Quel critique, il y a six mois, n’eût pas subi l’accusation de paradoxe, s’il eût avancé sans preuve ce dont les bons esprits se sont toujours doutés, à savoir que John Keats n’est pas mort, comme on l’a prétendu, de la douleur causée par un article de revue ? Le recueil de ses lettres posthumes, excellent ouvrage qui sert de texte à notre étude, prouve jusqu’à l’évidence qu’il a essuyé avec calme et modestie le feu de la critique, et que les attaques auxquelles ses poésies païennes l’exposaient lui semblèrent plutôt d’utiles enseignemens que des injures. L’opinion universelle a été induite en erreur à cet égard par le spirituel et dangereux Byron, lequel était fort aise de persiffler un homme de génie mort jeune, et de rendre odieux les critiques dont il avait à se plaindre

Un article a tué Keats ; le pauvre garçon
Son talent fort obscur promettait quelque chose ;
Quoiqu’il sût peu de grec, il fit parler, dit-on,
Les dieux comme ils auraient, jadis, fait de la prose.
Mais ne trouvez-vous pas le fait original ?
Que l’esprit, oui, l’esprit, cette vive étincelle,
Se laisse éteindre ainsi, comme un bout de chandelle,
Par un mauvais pédant, griffonneur de journal[1] ?

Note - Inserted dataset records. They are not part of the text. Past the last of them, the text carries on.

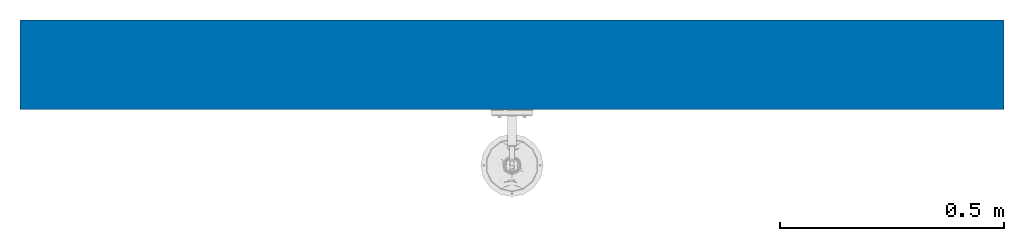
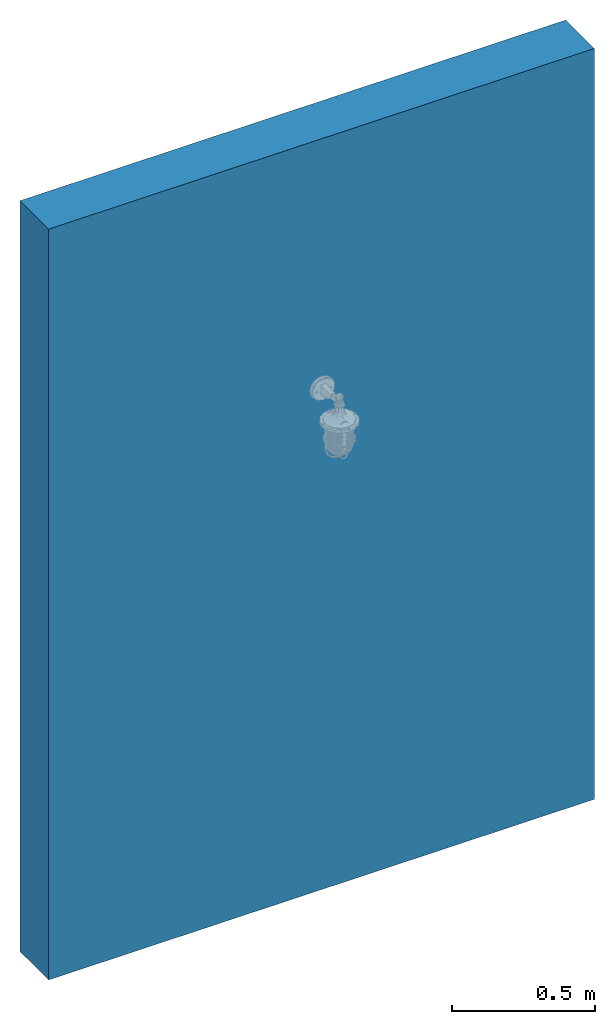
# One storey, incomplete: 1 wall.
"""IFC2X3 building model written with IfcOpenShell, lengths in metres."""

from ifc_helpers import new_model, si_unit, direction, frame, frame_2d, origin, place, context, subcontext, project, spatial, rectangle, extrude, material, layer, layer_set, layer_usage, type_object, element, save


model = new_model("IFC2X3")

# Units and contexts
model_context = context("Model", 3, precision=1e-05, world=origin(), true_north=direction((6.123233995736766e-17, 1.0)))
body_context = subcontext(model_context, "Body", "Model", "MODEL_VIEW")
ifc_project = project(units=[si_unit("LENGTHUNIT", "METRE"), si_unit("AREAUNIT", "SQUARE_METRE")], contexts=[model_context])

# Site, building, storey
site_placement = place(None, origin())
site = spatial("IfcSite", under=ifc_project, at=site_placement, Name="Default", CompositionType="ELEMENT")
building_placement = place(site_placement, origin())
building = spatial("IfcBuilding", under=site, at=building_placement, CompositionType="ELEMENT")
storey_placement = place(building_placement, origin())
storey = spatial("IfcBuildingStorey", under=building, at=storey_placement, Name="Level 1", CompositionType="ELEMENT", Elevation=0.0)

# Wall
ifc_material = material(Name="Default Wall")
ifc_layer = layer(ifc_material, 0.2)
ifc_layer_set = layer_set([ifc_layer], Name="Basic Wall:Wall 20cm2")
ifc_layer_usage = layer_usage(ifc_layer_set, "AXIS2", "NEGATIVE", 0.1)
wall_type = type_object("IfcWallType", Name="Basic Wall:Wall 20cm2", PredefinedType="STANDARD", material=ifc_layer_set)
wall_placement = place(storey_placement, frame((-5.5821241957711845, 0.9545372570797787, 0.0)))
element("IfcWallStandardCase", 1, at=wall_placement, inside=storey, type_object=wall_type, material=ifc_layer_usage, Name="Basic Wall:Wall 20cm2", ObjectType="Basic Wall:Wall 20cm2", context=body_context, shape_type="SweptSolid", body=[
    extrude(rectangle(XDim=2.2000000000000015, YDim=0.2, at=frame_2d((1.1000000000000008, 2.7755575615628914e-17), x_axis=(-1.0, 0.0))), origin(), (0.0, 0.0, 1.0), 3.2),
])

save(model, "model.ifc")
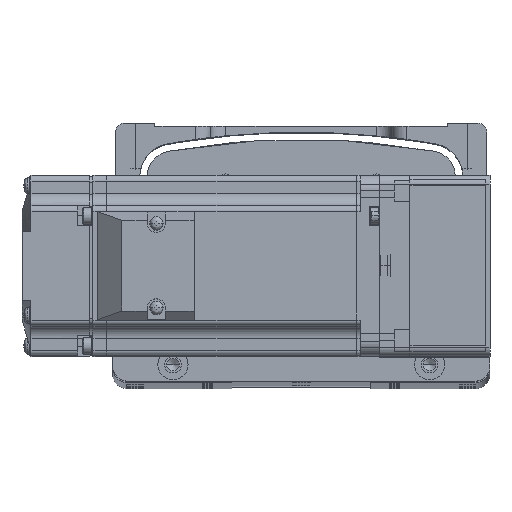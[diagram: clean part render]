
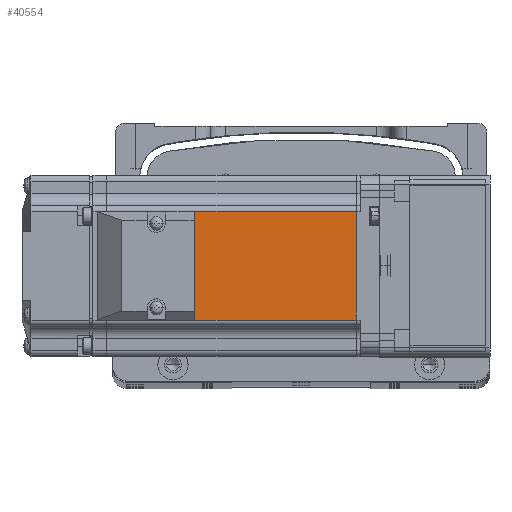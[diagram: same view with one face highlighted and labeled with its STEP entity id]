
A CAD part, top view. The second image highlights one B-rep face of the part: STEP entity #40554.
In plain terms, the highlighted planar face has unit normal (0, 0, 1) as drawn and (0, 1, 0) by its records, which use the part's own axes.
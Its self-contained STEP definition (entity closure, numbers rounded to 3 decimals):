
#2746 = CARTESIAN_POINT ( 'NONE',  ( -90.45, 30., 0. ) ) ;
#3048 = EDGE_CURVE ( 'NONE', #13486, #6474, #33541, .T. ) ;
#4825 = ORIENTED_EDGE ( 'NONE', *, *, #51960, .F. ) ;
#5004 = CARTESIAN_POINT ( 'NONE',  ( -6.5, 30., 18. ) ) ;
#6474 = VERTEX_POINT ( 'NONE', #82983 ) ;
#12763 = DIRECTION ( 'NONE',  ( 1., 0., 0. ) ) ;
#13293 = CARTESIAN_POINT ( 'NONE',  ( -6.5, 30., -18. ) ) ;
#13486 = VERTEX_POINT ( 'NONE', #16364 ) ;
#13511 = CARTESIAN_POINT ( 'NONE',  ( -7.75, 30., 18. ) ) ;
#13678 = VECTOR ( 'NONE', #72368, 1000. ) ;
#13985 = CARTESIAN_POINT ( 'NONE',  ( -6.5, 30., 25. ) ) ;
#16364 = CARTESIAN_POINT ( 'NONE',  ( -90.45, 30., -18. ) ) ;
#16910 = CARTESIAN_POINT ( 'NONE',  ( -7.75, 30., -18. ) ) ;
#19602 = ORIENTED_EDGE ( 'NONE', *, *, #3048, .T. ) ;
#20367 = FACE_OUTER_BOUND ( 'NONE', #77523, .T. ) ;
#20586 = DIRECTION ( 'NONE',  ( 0., 0., 1. ) ) ;
#33541 = LINE ( 'NONE', #2746, #68480 ) ;
#34607 = VERTEX_POINT ( 'NONE', #13511 ) ;
#40554 = ADVANCED_FACE ( 'NONE', ( #20367 ), #46425, .T. ) ;
#41947 = LINE ( 'NONE', #79895, #59366 ) ;
#42616 = ORIENTED_EDGE ( 'NONE', *, *, #84069, .T. ) ;
#46425 = PLANE ( 'NONE',  #46912 ) ;
#46912 = AXIS2_PLACEMENT_3D ( 'NONE', #13985, #59863, #20586 ) ;
#48621 = DIRECTION ( 'NONE',  ( 0., 0., 1. ) ) ;
#51960 = EDGE_CURVE ( 'NONE', #52740, #34607, #41947, .T. ) ;
#52740 = VERTEX_POINT ( 'NONE', #16910 ) ;
#54977 = LINE ( 'NONE', #5004, #70425 ) ;
#59366 = VECTOR ( 'NONE', #66459, 1000. ) ;
#59863 = DIRECTION ( 'NONE',  ( 0., 1., 0. ) ) ;
#66459 = DIRECTION ( 'NONE',  ( 0., 0., 1. ) ) ;
#68480 = VECTOR ( 'NONE', #48621, 1000. ) ;
#70425 = VECTOR ( 'NONE', #12763, 1000. ) ;
#72368 = DIRECTION ( 'NONE',  ( -1., 0., 0. ) ) ;
#74268 = ORIENTED_EDGE ( 'NONE', *, *, #74534, .T. ) ;
#74534 = EDGE_CURVE ( 'NONE', #52740, #13486, #83508, .T. ) ;
#77523 = EDGE_LOOP ( 'NONE', ( #4825, #74268, #19602, #42616 ) ) ;
#79895 = CARTESIAN_POINT ( 'NONE',  ( -7.75, 30., 0. ) ) ;
#82983 = CARTESIAN_POINT ( 'NONE',  ( -90.45, 30., 18. ) ) ;
#83508 = LINE ( 'NONE', #13293, #13678 ) ;
#84069 = EDGE_CURVE ( 'NONE', #6474, #34607, #54977, .T. ) ;

Non, cela n’est pas vrai. Pauvre Keats ! le poète grand seigneur, fort intrigant et jaloux, a un moment égaré l’opinion sur votre compte. On sait aujourd’hui que votre vanité puérile n’a pas causé votre mort ; vous n’avez pas péri de désespoir sous trois pages de critique ; c’est un mensonge. Vous valiez mieux que cela : modeste devant le type idéal du beau et justement fier de votre force intime, comme il convient aux

  1. John Keats, who was kill’d off by one critique, etc.